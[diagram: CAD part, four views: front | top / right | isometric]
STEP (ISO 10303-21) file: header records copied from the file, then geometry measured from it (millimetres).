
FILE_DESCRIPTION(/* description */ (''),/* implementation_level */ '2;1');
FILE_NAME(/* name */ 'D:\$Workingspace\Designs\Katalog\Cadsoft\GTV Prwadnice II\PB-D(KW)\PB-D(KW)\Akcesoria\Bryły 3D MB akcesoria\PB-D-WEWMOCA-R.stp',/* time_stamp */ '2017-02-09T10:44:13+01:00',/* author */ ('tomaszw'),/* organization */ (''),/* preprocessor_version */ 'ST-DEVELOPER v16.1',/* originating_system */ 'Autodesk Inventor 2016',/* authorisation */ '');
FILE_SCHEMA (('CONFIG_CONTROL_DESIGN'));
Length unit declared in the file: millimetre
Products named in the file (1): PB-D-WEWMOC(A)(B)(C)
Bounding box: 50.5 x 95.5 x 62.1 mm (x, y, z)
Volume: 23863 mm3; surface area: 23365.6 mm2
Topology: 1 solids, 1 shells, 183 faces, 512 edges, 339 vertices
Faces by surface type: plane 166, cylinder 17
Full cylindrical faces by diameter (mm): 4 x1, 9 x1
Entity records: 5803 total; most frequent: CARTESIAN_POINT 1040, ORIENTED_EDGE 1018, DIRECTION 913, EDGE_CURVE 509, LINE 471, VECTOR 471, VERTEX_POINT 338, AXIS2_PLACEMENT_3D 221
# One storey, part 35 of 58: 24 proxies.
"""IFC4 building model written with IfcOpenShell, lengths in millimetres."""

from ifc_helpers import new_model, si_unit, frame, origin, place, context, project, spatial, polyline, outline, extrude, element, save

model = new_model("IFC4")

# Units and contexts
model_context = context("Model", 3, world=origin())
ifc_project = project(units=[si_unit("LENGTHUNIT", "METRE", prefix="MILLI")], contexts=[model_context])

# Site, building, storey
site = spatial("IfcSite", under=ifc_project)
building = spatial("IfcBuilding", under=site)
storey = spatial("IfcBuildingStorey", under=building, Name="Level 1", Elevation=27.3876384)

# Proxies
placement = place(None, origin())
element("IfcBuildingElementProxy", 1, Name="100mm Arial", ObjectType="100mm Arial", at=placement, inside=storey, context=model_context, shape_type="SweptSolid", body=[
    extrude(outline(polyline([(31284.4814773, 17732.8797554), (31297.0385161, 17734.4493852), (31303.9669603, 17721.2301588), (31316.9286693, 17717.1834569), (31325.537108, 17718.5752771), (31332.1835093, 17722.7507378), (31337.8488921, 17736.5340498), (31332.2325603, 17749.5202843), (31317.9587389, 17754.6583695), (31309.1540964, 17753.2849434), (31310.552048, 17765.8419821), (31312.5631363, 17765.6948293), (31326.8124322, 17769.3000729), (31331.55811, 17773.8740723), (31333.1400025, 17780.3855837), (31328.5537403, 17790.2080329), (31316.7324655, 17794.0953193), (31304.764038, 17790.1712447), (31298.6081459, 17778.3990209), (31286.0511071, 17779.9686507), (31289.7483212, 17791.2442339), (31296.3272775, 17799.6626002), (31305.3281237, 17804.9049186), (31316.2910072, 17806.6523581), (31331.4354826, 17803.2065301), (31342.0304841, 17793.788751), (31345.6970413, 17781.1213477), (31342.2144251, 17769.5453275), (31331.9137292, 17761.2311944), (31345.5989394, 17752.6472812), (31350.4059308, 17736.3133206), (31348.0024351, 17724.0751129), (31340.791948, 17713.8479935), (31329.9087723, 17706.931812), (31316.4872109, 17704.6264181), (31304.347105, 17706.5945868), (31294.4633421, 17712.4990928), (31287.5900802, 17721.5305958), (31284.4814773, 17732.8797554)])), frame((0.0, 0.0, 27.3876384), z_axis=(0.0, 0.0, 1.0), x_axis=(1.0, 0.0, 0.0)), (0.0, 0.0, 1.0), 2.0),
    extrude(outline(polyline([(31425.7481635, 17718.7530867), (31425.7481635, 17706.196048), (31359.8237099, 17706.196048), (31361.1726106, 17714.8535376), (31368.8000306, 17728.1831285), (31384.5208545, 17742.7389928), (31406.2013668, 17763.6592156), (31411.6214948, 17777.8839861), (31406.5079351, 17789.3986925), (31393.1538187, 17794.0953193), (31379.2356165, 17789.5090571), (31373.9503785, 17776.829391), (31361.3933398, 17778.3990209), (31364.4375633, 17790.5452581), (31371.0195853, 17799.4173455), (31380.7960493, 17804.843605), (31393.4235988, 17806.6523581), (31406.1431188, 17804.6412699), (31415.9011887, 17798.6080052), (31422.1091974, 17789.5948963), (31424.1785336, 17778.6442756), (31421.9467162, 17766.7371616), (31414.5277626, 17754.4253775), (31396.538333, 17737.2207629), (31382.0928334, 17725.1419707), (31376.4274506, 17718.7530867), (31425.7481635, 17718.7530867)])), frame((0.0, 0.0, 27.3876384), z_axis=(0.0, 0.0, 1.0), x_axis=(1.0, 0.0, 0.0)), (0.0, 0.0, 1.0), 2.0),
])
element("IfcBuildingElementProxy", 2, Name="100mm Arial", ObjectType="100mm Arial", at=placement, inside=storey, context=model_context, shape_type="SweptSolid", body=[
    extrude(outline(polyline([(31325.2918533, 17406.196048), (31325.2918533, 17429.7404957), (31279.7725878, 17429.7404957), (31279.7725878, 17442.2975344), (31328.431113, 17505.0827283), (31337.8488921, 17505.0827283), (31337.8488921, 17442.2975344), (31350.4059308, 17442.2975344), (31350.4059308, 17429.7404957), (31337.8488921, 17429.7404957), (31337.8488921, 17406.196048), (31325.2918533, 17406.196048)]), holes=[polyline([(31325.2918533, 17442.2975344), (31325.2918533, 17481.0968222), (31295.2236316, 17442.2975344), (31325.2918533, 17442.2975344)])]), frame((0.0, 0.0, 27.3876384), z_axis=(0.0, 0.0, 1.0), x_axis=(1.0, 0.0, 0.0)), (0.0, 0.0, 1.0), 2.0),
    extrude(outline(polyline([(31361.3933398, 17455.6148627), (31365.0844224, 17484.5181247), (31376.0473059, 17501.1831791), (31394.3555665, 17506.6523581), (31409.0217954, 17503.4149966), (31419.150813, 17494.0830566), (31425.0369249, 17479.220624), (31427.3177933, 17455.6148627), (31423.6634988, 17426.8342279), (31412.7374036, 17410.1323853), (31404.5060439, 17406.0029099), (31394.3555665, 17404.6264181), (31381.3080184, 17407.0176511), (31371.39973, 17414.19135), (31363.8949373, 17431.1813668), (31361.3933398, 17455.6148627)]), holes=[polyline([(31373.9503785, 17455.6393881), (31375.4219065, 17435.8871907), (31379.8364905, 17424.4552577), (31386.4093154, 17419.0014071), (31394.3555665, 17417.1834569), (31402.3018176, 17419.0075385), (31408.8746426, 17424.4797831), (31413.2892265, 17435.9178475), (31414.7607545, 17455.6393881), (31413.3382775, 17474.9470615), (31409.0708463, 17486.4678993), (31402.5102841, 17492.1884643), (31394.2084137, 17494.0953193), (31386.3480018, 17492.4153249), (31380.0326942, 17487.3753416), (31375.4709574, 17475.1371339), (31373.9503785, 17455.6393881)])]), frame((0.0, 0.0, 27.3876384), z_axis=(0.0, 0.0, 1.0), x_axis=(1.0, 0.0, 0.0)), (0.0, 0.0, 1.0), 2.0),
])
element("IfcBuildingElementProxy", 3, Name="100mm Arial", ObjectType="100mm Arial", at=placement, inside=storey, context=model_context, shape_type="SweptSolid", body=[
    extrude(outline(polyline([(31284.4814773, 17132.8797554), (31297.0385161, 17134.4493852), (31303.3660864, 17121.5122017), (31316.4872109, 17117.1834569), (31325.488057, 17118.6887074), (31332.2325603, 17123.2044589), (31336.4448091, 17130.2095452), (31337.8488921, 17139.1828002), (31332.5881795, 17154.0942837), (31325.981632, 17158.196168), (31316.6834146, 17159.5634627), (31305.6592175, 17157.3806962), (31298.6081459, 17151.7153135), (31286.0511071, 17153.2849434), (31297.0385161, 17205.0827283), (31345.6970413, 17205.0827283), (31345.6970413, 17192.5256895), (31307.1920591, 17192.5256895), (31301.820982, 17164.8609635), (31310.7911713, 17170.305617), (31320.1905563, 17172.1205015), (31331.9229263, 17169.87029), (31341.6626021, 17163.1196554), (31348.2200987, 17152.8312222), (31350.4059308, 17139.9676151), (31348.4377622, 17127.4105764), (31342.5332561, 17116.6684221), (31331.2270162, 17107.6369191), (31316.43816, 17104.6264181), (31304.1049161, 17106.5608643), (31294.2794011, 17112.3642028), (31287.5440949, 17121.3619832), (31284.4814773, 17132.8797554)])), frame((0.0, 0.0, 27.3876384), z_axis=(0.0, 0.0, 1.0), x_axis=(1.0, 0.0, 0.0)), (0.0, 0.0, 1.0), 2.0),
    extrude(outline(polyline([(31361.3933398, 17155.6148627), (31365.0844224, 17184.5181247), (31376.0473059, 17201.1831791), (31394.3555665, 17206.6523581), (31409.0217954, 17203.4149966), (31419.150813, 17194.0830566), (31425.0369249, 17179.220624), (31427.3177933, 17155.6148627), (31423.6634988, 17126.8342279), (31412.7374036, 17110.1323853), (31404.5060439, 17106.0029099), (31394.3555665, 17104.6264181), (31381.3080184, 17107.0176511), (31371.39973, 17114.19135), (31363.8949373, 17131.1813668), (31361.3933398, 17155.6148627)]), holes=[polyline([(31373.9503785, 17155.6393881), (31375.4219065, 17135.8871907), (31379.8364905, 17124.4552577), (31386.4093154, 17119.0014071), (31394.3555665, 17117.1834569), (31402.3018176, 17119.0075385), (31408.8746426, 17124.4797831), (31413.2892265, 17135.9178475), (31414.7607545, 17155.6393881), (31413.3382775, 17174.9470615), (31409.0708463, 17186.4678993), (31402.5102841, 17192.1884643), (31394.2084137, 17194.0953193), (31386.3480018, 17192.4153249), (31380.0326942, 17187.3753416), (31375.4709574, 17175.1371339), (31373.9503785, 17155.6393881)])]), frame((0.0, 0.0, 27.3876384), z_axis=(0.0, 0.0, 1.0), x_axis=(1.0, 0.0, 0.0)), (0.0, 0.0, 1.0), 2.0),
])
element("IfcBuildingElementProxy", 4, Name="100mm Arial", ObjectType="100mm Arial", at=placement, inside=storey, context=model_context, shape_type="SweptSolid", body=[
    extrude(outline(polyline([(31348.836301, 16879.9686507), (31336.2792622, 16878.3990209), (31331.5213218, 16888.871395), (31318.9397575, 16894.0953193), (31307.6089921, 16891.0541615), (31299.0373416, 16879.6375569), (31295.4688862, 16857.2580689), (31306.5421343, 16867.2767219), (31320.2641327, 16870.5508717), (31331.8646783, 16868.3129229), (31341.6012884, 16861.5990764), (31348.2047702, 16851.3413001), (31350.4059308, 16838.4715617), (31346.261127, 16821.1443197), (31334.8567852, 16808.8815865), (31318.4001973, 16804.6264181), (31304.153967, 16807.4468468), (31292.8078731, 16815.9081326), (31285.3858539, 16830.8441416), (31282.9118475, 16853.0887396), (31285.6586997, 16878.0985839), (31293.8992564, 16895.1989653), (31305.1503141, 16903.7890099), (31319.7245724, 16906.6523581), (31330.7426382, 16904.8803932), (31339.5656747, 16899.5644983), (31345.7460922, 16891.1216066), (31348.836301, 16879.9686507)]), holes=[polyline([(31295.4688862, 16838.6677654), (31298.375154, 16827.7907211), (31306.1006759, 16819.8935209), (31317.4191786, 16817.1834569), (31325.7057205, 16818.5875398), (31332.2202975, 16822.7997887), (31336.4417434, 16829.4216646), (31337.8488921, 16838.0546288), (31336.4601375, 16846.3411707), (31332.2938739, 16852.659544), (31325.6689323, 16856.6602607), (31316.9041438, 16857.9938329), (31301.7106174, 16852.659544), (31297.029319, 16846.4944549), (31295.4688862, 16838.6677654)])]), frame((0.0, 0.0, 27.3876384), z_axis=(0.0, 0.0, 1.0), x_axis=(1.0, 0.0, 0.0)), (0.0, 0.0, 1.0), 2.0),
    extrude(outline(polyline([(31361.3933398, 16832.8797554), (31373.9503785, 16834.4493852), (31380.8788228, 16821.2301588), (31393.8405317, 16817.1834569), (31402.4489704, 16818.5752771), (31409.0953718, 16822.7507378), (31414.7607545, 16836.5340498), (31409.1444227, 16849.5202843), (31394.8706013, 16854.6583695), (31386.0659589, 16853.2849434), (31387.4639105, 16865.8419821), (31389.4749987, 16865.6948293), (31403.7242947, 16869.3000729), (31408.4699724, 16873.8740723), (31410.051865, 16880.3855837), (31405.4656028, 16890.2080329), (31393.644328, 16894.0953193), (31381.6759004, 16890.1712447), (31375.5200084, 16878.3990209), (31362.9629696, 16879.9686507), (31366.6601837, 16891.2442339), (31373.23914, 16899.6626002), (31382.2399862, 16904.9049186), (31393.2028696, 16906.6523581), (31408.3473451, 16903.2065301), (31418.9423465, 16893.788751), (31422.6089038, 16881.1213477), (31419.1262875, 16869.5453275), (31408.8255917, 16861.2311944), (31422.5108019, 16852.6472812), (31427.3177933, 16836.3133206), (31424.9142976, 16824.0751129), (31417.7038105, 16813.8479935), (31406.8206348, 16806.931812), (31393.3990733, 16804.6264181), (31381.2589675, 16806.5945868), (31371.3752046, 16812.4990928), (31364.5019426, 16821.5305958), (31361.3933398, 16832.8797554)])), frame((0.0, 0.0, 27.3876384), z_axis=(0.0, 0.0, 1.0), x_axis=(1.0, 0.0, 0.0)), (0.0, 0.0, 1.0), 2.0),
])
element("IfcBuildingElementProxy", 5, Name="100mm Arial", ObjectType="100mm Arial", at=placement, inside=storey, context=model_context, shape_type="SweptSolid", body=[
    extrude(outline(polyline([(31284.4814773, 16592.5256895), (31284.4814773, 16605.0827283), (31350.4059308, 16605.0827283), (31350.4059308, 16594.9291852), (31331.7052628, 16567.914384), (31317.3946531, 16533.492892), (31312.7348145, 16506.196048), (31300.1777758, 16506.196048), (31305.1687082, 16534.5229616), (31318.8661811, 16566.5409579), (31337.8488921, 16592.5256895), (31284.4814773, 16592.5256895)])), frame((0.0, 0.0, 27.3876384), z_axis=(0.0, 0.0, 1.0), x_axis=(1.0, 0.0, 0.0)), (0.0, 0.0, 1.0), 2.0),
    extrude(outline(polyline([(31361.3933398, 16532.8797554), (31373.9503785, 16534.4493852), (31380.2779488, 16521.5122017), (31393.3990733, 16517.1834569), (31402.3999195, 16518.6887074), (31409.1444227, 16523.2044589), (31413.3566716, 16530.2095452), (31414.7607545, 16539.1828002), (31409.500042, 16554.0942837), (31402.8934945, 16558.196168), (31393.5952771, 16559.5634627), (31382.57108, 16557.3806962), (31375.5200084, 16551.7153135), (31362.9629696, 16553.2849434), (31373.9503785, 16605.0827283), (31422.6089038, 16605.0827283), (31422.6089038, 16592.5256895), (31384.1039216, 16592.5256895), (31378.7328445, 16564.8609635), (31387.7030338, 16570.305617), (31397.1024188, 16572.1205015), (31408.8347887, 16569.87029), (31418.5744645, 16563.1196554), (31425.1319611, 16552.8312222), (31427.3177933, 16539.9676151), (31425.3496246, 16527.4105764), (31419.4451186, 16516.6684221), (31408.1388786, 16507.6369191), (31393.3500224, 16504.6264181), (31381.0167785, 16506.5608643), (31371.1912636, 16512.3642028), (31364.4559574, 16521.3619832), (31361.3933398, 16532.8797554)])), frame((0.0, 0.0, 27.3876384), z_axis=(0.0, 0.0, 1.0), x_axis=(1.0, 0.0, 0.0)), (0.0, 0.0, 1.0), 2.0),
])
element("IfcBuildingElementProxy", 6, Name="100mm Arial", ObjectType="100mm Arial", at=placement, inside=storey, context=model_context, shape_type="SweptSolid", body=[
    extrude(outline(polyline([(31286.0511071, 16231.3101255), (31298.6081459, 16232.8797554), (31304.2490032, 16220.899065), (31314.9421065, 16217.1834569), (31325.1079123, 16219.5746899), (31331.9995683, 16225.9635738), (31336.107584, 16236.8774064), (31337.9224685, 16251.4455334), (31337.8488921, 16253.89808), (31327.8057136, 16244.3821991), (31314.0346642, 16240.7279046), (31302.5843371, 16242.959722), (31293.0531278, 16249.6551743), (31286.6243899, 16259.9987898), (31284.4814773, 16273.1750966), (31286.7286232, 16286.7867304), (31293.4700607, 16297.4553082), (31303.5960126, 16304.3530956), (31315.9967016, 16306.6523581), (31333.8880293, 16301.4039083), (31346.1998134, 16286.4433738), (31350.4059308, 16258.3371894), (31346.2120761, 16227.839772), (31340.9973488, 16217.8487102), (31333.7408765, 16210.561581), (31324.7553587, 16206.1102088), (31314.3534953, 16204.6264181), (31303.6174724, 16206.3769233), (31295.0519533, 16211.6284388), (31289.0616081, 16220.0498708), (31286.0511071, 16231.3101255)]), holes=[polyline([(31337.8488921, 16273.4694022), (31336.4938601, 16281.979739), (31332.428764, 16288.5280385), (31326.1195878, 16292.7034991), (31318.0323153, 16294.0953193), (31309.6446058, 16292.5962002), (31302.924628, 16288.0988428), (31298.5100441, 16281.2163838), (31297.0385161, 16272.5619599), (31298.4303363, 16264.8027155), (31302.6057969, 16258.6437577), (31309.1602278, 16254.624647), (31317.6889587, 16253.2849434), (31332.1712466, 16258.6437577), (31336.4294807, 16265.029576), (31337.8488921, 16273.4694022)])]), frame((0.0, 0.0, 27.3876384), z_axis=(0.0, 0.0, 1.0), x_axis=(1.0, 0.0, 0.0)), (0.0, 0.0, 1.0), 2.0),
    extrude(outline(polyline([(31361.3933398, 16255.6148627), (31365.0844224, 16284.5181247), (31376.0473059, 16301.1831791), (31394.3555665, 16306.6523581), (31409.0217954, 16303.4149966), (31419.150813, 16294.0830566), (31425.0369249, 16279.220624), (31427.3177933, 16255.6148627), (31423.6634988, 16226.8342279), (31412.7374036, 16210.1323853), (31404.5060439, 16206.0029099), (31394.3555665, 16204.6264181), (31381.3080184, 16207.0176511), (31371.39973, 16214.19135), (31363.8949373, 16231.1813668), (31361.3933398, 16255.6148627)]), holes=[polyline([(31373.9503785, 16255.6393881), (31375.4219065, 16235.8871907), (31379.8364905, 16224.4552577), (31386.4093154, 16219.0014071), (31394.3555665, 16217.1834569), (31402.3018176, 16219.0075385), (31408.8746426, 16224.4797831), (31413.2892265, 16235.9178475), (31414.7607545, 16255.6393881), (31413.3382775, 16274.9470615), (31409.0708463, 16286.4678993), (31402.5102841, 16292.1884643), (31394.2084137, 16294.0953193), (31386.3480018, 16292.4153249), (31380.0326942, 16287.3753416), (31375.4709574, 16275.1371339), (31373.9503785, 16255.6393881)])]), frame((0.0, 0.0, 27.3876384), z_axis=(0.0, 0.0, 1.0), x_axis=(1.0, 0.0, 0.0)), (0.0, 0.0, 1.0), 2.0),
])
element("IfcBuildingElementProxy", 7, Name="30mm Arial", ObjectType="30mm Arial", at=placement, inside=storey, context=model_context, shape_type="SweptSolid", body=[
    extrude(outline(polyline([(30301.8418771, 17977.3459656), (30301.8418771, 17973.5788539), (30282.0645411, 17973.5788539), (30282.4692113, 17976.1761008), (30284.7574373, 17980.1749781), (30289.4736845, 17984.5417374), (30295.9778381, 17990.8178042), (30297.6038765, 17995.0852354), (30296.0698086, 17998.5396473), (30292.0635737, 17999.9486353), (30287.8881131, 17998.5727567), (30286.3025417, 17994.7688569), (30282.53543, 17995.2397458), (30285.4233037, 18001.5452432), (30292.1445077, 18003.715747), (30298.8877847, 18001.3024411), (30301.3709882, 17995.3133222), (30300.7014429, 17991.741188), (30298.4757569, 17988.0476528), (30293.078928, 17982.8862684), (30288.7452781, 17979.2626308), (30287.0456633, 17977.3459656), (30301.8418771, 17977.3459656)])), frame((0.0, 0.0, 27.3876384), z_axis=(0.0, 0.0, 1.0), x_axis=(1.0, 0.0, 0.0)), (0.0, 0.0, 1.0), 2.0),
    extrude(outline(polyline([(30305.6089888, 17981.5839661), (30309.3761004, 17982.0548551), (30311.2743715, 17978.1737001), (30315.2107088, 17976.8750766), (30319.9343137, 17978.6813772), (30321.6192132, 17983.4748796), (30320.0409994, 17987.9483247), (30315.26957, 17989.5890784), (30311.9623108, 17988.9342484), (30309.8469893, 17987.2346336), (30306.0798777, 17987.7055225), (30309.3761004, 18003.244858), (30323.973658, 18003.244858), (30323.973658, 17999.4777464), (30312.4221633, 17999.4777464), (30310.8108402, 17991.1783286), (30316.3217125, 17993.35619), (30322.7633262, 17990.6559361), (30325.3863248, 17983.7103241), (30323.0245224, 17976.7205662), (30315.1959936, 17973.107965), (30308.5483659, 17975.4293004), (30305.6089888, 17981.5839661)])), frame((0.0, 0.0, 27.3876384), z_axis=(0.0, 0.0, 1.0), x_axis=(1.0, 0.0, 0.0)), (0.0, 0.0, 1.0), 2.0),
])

============================================================

The response must consist solely of the lines from the top of the records through the line holding "Volume: 23863 mm3; surface area: 23365.6 mm2", copied word for word.

[diagram: CAD part, four views: front | top / right | isometric]
STEP (ISO 10303-21) file: header records copied from the file, then geometry measured from it (millimetres).
FILE_DESCRIPTION(/* description */ (''),/* implementation_level */ '2;1');
FILE_NAME(/* name */ 'D:\$Workingspace\Designs\Katalog\Cadsoft\GTV Prwadnice II\PB-D(KW)\PB-D(KW)\Akcesoria\Bryły 3D MB akcesoria\PB-D-WEWMOCA-R.stp',/* time_stamp */ '2017-02-09T10:44:13+01:00',/* author */ ('tomaszw'),/* organization */ (''),/* preprocessor_version */ 'ST-DEVELOPER v16.1',/* originating_system */ 'Autodesk Inventor 2016',/* authorisation */ '');
FILE_SCHEMA (('CONFIG_CONTROL_DESIGN'));
Length unit declared in the file: millimetre
Products named in the file (1): PB-D-WEWMOC(A)(B)(C)
Bounding box: 50.5 x 95.5 x 62.1 mm (x, y, z)
Volume: 23863 mm3; surface area: 23365.6 mm2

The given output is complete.